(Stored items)
________________________________________

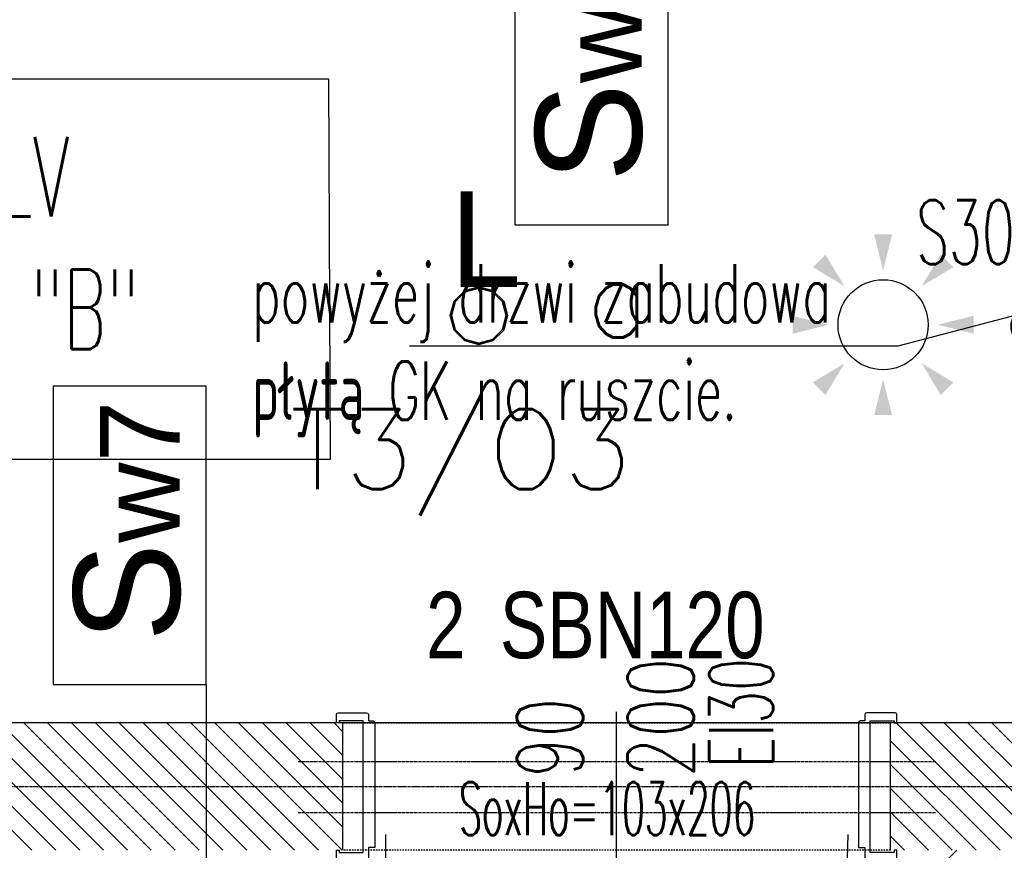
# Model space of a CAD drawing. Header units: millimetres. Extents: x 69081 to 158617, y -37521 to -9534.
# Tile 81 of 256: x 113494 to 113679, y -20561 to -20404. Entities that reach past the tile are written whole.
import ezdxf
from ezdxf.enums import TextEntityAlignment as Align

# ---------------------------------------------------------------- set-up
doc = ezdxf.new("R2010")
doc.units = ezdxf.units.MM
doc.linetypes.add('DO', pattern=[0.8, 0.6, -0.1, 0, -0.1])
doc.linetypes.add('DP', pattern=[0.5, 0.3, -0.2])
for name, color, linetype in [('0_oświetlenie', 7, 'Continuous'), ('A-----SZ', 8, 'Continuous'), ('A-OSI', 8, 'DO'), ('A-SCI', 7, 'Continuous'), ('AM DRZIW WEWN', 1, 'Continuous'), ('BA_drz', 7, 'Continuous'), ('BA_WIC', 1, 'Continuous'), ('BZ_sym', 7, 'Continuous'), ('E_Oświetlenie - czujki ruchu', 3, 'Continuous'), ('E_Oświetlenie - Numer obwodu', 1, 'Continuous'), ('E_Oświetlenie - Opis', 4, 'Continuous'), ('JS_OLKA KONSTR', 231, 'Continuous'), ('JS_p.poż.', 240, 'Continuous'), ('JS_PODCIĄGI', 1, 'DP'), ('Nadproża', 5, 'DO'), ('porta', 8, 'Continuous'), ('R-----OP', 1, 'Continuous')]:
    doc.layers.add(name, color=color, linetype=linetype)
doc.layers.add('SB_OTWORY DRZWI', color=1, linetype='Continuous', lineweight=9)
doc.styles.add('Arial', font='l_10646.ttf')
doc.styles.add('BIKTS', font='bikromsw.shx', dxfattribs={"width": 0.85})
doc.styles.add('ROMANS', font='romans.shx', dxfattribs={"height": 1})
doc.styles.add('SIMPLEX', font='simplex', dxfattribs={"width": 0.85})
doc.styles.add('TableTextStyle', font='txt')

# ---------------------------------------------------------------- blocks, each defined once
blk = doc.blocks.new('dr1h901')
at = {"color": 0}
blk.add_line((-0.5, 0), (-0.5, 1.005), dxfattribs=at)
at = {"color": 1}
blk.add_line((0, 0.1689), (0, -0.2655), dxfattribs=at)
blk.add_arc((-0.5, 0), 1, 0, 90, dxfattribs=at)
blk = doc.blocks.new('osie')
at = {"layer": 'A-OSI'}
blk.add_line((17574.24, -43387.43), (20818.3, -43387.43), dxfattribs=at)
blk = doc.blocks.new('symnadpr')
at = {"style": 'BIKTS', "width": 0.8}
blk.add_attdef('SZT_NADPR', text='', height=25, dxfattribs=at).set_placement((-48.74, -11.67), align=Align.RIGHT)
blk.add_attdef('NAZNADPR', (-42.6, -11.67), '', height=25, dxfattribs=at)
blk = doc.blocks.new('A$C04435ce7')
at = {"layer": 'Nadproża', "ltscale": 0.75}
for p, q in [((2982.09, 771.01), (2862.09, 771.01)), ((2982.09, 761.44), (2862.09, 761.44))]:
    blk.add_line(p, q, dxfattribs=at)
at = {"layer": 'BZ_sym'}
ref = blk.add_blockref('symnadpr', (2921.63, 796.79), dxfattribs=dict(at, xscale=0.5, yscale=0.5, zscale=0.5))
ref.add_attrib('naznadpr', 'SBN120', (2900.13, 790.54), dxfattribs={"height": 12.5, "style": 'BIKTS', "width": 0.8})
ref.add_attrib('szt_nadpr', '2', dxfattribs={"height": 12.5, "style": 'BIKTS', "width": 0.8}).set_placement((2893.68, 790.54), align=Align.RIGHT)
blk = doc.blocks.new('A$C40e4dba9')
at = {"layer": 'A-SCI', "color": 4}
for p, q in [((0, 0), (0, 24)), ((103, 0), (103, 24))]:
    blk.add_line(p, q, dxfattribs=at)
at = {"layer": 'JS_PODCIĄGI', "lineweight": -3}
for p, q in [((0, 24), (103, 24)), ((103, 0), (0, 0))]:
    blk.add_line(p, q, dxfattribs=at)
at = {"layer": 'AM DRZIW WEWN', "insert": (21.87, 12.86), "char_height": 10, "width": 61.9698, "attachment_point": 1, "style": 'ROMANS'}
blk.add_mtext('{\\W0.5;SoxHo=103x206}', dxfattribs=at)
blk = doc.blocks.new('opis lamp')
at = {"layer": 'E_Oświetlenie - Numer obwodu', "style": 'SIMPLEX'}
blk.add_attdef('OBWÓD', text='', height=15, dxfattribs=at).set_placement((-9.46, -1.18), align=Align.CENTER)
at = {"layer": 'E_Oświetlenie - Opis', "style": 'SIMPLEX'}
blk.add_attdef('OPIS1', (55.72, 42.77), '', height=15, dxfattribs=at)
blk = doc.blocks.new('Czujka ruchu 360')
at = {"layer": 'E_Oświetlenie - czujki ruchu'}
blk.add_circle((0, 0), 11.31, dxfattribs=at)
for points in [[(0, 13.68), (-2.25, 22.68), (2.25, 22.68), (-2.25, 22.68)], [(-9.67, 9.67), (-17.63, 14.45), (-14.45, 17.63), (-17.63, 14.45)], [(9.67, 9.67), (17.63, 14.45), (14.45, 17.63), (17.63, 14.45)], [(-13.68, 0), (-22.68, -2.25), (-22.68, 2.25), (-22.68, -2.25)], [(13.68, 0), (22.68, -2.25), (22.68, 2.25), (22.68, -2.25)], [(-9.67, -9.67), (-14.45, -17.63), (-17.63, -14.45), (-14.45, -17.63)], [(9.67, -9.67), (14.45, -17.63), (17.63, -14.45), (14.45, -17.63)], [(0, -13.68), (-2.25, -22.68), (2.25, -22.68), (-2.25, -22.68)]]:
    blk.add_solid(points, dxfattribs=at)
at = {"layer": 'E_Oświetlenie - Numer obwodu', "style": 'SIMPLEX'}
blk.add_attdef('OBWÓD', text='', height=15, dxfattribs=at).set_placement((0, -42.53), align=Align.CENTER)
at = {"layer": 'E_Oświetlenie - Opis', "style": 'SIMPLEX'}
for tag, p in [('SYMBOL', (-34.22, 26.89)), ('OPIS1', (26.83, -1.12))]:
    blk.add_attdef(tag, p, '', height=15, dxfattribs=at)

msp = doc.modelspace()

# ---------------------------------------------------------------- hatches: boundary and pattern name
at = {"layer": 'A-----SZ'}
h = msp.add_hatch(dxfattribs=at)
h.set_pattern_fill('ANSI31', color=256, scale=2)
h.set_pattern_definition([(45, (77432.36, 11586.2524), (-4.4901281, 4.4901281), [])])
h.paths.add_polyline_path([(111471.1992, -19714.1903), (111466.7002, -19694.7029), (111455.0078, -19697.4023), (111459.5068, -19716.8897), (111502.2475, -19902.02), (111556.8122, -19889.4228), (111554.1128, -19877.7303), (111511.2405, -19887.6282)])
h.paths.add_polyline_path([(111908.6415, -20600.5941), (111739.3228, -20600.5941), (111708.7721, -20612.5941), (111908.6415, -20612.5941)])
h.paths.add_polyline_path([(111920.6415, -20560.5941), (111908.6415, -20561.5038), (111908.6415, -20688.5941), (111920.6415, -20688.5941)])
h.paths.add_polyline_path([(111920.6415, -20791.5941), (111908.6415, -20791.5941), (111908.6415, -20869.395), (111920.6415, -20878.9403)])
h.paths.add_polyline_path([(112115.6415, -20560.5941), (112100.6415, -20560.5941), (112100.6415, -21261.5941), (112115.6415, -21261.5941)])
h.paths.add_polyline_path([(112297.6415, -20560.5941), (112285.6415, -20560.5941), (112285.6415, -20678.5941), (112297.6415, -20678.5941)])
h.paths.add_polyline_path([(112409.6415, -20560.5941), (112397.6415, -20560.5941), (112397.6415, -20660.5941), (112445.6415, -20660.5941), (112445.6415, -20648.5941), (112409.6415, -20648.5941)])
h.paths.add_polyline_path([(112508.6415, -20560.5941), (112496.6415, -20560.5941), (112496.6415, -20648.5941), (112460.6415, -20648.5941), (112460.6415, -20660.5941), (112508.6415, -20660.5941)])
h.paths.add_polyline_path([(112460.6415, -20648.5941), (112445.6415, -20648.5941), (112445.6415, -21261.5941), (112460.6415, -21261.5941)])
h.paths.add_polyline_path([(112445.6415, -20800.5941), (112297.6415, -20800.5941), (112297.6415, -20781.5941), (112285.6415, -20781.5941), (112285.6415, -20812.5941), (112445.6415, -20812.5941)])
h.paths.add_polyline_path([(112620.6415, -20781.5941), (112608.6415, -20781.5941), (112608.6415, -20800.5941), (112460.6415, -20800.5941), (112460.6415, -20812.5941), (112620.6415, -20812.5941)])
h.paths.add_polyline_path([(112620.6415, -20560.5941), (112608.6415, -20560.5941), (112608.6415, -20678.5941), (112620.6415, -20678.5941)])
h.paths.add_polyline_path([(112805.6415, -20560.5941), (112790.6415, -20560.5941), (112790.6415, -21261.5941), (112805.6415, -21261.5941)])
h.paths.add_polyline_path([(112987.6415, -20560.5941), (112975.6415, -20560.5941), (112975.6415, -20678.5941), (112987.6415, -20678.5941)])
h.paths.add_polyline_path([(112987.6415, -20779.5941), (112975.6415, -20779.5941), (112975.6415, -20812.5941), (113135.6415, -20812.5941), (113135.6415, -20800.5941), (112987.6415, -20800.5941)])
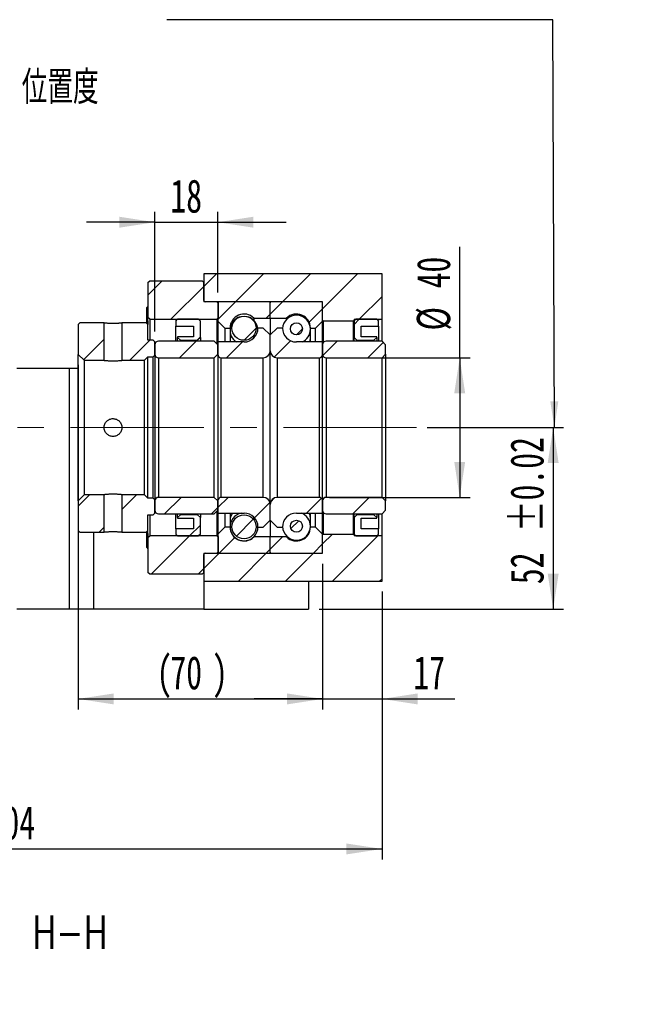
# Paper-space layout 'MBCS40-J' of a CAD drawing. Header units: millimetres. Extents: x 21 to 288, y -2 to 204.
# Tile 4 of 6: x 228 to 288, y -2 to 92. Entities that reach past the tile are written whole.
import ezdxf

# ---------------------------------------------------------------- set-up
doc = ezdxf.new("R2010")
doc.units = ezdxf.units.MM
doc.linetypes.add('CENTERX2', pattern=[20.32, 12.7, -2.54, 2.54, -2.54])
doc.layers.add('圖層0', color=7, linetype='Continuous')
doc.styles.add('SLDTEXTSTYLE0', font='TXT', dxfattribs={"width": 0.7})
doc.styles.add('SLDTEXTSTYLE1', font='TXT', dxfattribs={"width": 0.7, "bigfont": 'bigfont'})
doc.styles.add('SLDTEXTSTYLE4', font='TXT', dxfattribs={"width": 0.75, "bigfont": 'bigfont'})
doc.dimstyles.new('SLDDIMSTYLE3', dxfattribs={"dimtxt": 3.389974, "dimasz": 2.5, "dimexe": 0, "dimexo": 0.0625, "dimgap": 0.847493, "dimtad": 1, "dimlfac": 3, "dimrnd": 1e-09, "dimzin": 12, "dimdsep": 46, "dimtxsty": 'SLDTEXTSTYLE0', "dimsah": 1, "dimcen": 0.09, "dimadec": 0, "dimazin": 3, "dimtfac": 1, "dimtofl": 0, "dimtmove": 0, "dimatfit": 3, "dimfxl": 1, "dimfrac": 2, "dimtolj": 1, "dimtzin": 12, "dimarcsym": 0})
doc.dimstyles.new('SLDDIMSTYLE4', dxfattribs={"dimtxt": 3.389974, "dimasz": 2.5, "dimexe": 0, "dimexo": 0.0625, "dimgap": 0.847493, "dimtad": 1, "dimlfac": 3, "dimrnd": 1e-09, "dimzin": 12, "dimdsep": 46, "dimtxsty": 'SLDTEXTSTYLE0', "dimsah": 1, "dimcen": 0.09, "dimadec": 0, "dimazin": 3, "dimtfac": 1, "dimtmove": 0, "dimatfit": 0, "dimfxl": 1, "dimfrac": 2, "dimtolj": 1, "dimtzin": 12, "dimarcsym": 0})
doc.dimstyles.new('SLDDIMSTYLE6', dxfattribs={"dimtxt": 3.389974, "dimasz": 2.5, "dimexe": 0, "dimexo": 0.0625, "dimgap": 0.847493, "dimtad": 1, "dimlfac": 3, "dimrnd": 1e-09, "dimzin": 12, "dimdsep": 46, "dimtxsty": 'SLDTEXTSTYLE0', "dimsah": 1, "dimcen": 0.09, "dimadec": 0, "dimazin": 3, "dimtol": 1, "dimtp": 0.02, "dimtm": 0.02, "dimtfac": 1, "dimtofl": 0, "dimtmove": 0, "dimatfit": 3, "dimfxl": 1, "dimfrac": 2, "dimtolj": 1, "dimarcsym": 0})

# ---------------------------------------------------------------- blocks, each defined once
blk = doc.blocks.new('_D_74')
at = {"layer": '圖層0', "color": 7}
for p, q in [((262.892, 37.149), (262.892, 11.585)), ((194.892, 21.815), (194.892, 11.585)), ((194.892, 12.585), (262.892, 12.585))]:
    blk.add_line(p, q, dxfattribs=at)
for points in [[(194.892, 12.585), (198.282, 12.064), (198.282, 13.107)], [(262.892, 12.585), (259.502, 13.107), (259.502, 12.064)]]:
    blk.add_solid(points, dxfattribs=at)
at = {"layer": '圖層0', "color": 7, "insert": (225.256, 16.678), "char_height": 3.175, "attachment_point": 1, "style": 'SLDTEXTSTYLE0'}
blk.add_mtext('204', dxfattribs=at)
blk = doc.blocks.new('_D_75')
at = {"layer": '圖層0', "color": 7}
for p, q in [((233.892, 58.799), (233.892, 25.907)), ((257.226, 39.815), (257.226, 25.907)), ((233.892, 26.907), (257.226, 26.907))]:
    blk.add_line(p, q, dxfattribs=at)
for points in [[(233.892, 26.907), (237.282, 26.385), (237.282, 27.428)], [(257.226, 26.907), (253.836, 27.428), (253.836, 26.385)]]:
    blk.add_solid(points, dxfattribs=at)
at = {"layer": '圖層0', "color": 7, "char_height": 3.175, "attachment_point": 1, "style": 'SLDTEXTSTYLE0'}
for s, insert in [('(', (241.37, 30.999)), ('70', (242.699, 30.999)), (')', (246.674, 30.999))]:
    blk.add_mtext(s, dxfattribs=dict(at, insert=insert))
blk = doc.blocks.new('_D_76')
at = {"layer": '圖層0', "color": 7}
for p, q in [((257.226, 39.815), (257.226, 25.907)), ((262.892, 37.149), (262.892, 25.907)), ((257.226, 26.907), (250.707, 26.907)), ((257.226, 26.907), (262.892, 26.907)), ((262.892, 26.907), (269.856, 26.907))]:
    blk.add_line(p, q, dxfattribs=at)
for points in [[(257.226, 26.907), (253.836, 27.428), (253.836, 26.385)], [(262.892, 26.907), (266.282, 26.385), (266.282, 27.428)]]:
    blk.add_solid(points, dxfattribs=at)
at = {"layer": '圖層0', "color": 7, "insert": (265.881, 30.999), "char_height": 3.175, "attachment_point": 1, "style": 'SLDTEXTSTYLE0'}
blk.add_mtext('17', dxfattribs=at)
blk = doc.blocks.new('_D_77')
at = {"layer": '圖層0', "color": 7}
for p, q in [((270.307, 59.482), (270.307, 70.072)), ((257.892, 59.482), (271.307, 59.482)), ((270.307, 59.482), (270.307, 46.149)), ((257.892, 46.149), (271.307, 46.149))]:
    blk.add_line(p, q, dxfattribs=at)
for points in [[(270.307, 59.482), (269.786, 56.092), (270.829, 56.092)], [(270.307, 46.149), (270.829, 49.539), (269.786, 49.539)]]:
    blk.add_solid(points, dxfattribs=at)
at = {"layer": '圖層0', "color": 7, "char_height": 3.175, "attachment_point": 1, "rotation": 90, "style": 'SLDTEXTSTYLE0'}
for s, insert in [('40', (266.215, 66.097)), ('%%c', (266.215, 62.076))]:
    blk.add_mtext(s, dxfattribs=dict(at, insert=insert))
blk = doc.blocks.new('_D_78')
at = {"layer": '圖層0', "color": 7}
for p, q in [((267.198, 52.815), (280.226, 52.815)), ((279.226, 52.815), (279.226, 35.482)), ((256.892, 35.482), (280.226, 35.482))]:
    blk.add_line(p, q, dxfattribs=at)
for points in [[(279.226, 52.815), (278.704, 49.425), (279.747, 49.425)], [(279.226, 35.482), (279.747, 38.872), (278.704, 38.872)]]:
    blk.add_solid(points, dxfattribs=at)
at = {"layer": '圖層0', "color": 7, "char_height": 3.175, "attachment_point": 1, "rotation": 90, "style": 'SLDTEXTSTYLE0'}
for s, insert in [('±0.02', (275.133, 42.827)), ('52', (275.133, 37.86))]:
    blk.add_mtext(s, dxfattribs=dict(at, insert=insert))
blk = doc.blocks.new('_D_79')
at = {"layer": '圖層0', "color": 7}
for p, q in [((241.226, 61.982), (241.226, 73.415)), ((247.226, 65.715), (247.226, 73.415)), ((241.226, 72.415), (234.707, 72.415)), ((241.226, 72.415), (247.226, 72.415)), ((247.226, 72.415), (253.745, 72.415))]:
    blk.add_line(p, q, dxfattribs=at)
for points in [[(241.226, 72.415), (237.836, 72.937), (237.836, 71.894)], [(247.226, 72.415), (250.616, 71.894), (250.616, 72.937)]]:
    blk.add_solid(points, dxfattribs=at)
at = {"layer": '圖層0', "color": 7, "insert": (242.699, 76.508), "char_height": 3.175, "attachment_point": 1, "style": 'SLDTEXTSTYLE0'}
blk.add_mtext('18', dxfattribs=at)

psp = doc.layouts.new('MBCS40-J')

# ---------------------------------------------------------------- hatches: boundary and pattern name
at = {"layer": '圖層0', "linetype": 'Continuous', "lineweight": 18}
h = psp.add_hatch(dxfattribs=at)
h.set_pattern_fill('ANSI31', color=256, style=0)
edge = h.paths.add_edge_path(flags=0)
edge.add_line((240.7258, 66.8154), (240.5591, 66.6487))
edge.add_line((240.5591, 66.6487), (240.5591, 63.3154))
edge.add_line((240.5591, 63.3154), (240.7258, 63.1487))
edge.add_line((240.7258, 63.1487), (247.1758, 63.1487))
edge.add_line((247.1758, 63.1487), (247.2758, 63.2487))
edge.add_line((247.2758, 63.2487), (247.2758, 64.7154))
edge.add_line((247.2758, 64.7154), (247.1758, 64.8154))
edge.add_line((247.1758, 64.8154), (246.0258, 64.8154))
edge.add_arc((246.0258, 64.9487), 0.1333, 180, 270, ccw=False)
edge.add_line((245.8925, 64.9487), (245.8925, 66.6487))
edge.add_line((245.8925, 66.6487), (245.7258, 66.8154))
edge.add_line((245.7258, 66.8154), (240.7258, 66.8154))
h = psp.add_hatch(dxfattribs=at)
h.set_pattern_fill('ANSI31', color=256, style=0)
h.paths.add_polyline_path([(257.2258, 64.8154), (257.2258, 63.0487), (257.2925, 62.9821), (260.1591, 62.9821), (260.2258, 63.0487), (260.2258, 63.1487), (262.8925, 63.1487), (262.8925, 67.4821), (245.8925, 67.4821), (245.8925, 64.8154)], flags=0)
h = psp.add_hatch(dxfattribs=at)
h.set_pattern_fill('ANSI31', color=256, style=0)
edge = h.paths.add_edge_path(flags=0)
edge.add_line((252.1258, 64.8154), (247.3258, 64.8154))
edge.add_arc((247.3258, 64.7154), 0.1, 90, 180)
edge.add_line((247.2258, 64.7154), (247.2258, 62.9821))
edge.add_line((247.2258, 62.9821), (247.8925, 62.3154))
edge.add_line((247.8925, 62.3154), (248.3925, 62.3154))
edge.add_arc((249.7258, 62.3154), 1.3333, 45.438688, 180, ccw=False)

________________________________________

» Task to complete:
In the lines above, find each one with "units" and list it.

» Answer to this task:
# Model space of a CAD drawing. Header units: millimetres. Extents: x 69081 to 158617, y -37521 to -9534.
doc.units = ezdxf.units.MM
# Paper-space layout 'MBCS40-J' of a CAD drawing. Header units: millimetres. Extents: x 21 to 288, y -2 to 204.
doc.units = ezdxf.units.MM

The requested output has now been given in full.